_YOUR ASSIGNMENT:_
All lines of the records below that contain the word "Hose" must be listed.
Segment Start: DATA PROVIDED
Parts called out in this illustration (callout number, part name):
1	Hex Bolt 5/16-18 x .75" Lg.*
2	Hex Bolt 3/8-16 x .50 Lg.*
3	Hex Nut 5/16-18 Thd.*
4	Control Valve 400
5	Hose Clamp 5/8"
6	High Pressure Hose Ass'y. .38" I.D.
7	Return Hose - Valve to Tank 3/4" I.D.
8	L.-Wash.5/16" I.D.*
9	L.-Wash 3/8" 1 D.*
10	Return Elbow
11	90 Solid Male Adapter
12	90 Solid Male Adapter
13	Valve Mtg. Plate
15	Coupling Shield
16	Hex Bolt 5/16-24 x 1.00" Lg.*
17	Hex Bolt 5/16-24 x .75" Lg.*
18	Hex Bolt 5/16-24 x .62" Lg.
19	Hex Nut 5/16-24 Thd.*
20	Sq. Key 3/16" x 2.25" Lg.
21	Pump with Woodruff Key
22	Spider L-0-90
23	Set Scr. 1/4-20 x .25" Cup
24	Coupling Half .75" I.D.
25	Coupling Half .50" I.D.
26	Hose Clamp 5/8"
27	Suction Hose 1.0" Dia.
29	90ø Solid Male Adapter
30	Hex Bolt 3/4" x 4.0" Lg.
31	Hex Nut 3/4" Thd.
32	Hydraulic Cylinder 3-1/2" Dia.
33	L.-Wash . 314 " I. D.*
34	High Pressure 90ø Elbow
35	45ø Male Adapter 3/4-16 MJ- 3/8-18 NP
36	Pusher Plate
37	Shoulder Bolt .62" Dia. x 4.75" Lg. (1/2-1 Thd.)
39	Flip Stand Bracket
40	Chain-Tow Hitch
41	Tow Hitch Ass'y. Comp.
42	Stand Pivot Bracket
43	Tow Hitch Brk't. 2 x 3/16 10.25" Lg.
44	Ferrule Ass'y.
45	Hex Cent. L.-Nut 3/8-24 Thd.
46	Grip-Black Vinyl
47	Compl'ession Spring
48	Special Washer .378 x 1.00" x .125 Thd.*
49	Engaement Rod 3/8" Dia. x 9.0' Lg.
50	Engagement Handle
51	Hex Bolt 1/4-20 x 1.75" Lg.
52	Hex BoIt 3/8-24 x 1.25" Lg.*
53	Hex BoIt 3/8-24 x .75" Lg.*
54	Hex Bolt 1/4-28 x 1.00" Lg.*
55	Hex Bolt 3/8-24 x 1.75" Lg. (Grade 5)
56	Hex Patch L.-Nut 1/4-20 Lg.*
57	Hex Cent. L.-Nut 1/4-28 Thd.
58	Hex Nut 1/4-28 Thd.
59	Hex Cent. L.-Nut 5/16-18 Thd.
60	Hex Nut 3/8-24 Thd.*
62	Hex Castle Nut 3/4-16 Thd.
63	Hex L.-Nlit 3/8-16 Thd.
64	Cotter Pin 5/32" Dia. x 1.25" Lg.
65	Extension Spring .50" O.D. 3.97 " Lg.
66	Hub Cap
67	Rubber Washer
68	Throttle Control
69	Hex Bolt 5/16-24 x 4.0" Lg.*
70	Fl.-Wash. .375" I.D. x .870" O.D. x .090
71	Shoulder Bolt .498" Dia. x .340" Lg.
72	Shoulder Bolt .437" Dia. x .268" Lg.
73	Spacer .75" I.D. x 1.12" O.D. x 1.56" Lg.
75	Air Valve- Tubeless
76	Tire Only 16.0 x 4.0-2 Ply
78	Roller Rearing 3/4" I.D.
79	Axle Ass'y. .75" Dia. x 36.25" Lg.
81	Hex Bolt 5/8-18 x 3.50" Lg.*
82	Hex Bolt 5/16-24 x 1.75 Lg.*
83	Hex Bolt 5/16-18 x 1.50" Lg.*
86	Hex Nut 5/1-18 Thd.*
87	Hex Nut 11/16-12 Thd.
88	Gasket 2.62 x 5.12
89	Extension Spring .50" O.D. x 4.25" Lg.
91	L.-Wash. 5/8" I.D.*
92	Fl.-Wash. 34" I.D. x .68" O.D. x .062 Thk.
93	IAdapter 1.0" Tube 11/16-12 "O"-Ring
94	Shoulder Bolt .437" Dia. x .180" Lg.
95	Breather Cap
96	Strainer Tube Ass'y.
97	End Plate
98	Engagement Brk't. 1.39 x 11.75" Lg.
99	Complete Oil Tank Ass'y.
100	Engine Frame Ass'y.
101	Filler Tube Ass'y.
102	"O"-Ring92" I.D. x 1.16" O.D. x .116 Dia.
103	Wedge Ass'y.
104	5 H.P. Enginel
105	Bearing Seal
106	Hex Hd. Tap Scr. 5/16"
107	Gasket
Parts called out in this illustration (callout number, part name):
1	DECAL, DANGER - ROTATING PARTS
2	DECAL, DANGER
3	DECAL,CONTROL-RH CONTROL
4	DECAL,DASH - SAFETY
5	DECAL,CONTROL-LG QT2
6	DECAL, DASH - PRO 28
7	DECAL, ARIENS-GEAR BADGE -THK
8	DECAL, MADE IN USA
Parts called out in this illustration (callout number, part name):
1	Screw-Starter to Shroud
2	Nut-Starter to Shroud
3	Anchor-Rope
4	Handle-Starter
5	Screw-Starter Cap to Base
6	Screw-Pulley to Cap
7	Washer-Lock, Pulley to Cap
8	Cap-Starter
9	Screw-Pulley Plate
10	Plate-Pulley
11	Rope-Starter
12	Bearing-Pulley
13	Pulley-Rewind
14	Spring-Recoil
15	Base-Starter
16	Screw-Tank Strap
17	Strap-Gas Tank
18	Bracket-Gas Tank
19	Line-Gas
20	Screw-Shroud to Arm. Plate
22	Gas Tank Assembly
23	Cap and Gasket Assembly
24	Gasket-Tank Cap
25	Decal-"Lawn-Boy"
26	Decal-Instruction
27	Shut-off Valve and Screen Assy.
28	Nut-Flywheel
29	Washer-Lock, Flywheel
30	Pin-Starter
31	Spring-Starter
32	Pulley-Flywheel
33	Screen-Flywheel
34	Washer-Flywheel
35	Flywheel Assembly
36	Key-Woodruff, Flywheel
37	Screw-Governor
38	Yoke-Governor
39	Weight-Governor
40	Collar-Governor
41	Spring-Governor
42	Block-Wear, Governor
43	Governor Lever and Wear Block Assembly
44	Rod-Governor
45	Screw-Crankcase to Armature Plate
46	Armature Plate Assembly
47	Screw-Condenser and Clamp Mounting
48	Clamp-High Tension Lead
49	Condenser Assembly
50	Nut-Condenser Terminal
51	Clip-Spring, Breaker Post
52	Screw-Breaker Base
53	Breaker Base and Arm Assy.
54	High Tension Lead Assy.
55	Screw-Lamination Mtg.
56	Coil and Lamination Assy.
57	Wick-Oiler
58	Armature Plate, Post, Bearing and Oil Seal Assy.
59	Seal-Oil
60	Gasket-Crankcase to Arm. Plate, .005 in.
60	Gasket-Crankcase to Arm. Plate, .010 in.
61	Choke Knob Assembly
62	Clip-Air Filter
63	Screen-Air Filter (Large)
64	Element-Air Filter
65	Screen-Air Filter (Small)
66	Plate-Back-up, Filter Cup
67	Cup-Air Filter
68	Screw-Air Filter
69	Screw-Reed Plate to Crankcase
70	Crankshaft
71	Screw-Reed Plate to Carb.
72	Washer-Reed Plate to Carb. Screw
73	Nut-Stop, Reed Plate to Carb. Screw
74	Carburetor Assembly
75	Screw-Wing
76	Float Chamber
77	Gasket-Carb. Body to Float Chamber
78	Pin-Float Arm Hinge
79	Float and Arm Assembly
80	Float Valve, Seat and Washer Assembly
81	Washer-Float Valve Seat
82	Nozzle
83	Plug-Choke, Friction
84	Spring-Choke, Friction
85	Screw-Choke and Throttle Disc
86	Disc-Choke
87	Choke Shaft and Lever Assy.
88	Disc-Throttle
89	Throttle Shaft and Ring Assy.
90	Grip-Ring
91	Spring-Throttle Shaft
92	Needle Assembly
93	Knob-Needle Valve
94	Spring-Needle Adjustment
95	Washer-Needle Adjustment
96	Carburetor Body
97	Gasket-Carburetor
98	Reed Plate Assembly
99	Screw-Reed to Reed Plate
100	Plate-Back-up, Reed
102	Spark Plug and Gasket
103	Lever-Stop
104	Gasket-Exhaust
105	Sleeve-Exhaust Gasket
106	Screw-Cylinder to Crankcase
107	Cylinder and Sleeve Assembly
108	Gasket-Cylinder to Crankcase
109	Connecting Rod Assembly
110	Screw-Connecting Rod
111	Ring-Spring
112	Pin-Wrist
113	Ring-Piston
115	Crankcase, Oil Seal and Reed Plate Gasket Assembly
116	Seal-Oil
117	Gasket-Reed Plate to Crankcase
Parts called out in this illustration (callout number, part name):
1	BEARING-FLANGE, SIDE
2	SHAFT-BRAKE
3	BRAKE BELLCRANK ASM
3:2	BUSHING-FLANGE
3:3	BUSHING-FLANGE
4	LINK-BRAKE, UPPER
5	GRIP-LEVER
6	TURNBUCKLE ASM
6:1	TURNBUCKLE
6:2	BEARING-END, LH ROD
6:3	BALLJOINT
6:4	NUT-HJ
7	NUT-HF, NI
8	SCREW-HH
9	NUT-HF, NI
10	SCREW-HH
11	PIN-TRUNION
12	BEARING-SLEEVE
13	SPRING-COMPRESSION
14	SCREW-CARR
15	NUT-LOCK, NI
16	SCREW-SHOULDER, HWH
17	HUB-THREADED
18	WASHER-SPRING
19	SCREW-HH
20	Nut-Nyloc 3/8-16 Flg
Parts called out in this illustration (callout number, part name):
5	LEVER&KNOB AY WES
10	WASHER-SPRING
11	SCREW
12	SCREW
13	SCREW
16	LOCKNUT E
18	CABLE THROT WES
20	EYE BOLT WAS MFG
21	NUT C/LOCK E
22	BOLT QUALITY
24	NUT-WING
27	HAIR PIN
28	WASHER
Segment End: DATA PROVIDED
_EXERCISE RESULT:_
5	Hose Clamp 5/8"
6	High Pressure Hose Ass'y. .38" I.D.
7	Return Hose - Valve to Tank 3/4" I.D.
26	Hose Clamp 5/8"
27	Suction Hose 1.0" Dia.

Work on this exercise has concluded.